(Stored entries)
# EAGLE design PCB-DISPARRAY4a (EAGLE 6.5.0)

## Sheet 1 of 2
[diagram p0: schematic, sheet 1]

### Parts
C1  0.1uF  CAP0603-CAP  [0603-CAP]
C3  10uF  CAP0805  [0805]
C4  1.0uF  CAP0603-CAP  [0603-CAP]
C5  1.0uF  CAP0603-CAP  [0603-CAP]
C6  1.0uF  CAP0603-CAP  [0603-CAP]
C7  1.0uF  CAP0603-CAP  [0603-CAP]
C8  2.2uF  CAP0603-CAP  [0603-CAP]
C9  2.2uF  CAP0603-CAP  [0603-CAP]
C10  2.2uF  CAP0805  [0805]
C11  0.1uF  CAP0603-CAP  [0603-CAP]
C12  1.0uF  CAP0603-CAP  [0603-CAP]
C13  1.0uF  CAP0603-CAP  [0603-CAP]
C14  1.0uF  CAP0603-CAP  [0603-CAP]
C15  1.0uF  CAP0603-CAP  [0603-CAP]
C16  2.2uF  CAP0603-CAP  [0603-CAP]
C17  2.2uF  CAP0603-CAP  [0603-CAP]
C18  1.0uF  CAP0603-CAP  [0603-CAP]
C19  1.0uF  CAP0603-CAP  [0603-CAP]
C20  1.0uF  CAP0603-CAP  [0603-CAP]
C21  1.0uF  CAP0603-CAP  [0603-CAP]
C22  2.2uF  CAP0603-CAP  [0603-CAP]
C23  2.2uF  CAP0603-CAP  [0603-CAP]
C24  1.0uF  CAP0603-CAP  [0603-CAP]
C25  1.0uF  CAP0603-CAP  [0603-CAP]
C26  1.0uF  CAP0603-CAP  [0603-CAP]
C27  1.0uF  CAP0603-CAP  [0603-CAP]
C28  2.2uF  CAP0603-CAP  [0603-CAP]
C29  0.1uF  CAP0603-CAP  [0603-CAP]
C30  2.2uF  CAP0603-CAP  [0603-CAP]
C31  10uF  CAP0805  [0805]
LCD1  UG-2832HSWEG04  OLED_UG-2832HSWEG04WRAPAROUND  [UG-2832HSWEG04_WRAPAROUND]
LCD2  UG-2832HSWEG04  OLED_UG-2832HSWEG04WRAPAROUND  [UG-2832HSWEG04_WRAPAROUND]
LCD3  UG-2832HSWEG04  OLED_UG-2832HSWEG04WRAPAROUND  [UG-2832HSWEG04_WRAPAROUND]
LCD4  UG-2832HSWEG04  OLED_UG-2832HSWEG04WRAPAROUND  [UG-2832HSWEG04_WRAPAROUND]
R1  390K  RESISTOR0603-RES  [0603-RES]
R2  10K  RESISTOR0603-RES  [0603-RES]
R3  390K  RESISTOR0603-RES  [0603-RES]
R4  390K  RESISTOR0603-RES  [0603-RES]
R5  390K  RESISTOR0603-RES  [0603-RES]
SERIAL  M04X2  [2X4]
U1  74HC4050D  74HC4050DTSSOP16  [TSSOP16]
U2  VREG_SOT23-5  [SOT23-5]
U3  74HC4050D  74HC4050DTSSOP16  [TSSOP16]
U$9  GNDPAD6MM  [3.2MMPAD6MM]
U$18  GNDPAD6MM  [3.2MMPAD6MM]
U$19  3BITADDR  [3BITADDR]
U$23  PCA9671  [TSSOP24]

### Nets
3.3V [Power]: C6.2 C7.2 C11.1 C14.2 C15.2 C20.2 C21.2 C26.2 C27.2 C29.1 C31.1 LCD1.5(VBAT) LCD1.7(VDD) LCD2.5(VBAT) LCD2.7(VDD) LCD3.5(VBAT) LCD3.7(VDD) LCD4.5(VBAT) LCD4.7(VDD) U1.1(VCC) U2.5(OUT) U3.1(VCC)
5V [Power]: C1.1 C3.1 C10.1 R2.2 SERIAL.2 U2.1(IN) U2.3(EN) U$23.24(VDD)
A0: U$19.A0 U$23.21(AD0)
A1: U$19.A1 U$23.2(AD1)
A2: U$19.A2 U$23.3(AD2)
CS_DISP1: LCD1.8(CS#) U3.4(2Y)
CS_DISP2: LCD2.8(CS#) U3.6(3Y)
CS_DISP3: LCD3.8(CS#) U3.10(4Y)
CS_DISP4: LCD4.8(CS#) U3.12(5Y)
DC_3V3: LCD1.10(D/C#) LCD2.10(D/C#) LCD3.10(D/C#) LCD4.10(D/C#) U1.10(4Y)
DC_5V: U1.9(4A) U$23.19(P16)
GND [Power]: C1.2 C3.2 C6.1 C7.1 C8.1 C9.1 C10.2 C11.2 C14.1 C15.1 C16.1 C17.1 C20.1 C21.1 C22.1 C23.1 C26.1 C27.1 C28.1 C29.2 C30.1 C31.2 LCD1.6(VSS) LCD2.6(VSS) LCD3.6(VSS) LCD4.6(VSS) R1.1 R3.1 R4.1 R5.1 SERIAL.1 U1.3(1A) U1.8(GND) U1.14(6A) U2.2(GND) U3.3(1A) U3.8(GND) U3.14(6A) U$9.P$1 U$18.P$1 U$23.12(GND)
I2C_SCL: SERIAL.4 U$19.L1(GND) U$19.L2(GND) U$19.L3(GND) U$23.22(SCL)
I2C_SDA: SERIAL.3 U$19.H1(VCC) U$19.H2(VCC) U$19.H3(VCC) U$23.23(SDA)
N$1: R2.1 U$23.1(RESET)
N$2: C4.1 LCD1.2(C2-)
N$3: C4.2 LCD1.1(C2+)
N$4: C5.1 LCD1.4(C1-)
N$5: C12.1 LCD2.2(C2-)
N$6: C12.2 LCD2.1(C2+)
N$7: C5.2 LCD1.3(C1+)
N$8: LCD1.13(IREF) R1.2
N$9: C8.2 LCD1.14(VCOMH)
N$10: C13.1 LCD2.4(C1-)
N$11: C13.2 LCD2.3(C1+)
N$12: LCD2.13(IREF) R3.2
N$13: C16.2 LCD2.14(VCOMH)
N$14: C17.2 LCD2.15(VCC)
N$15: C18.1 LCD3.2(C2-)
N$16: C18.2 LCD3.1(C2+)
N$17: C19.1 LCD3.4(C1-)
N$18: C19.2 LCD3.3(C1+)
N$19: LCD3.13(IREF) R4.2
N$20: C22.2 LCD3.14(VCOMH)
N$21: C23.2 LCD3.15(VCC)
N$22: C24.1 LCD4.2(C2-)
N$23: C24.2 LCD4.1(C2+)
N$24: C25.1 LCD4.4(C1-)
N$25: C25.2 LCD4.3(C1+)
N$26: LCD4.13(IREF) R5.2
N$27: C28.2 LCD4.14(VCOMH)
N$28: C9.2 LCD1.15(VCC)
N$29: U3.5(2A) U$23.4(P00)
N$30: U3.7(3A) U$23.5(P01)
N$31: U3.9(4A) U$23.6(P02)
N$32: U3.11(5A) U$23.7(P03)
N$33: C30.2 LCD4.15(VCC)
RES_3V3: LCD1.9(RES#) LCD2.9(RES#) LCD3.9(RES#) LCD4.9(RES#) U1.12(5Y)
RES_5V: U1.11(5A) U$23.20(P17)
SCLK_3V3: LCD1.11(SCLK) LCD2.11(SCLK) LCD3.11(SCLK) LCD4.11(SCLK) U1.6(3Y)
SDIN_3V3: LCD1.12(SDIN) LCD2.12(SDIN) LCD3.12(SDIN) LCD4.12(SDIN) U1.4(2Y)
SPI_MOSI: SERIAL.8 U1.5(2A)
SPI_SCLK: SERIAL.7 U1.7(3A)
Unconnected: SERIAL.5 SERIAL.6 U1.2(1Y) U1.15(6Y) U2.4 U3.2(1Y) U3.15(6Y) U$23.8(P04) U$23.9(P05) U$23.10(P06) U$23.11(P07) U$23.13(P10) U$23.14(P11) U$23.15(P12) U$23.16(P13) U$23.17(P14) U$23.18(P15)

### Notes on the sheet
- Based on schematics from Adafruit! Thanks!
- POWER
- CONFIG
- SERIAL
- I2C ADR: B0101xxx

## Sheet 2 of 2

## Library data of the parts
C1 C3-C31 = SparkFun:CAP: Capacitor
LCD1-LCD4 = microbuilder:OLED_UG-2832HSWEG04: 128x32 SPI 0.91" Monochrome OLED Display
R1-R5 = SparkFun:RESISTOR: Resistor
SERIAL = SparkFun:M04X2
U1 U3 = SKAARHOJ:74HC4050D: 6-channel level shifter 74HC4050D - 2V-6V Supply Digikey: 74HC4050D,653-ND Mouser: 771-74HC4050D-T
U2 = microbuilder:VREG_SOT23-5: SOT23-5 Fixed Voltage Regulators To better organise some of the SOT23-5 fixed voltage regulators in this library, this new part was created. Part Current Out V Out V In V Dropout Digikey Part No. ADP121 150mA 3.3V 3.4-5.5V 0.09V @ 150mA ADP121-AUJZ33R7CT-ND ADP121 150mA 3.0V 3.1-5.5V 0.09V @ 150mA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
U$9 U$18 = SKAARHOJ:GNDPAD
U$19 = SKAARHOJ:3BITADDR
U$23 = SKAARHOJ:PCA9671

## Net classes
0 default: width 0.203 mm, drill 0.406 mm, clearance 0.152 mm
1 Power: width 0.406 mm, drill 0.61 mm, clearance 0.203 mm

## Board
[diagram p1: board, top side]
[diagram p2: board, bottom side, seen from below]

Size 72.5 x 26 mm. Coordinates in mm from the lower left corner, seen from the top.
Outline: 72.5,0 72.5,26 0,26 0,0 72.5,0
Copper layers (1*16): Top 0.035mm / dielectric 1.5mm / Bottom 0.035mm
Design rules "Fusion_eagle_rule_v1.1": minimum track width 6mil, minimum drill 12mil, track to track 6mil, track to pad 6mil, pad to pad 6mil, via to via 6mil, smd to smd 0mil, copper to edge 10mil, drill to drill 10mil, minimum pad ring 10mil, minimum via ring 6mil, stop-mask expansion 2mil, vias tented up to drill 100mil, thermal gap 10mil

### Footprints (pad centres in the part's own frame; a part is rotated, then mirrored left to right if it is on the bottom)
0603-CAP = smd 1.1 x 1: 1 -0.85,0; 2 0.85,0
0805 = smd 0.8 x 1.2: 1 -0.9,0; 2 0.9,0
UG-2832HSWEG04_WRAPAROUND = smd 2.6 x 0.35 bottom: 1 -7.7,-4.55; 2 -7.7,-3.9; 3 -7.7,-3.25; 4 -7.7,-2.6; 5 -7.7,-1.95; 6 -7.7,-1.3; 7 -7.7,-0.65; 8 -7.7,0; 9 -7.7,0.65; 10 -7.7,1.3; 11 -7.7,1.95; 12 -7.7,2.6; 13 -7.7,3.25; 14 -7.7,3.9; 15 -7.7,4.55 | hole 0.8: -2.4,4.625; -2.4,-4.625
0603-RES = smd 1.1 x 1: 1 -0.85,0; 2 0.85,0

- **PROBLEM TO SOLVE**:
Only lines containing the string "width" are needed. Pull each of them out of the records above.

- **OUTPUT OF THE TASK**:
0 default: width 0.203 mm, drill 0.406 mm, clearance 0.152 mm
1 Power: width 0.406 mm, drill 0.61 mm, clearance 0.203 mm
Design rules "Fusion_eagle_rule_v1.1": minimum track width 6mil, minimum drill 12mil, track to track 6mil, track to pad 6mil, pad to pad 6mil, via to via 6mil, smd to smd 0mil, copper to edge 10mil, drill to drill 10mil, minimum pad ring 10mil, minimum via ring 6mil, stop-mask expansion 2mil, vias tented up to drill 100mil, thermal gap 10mil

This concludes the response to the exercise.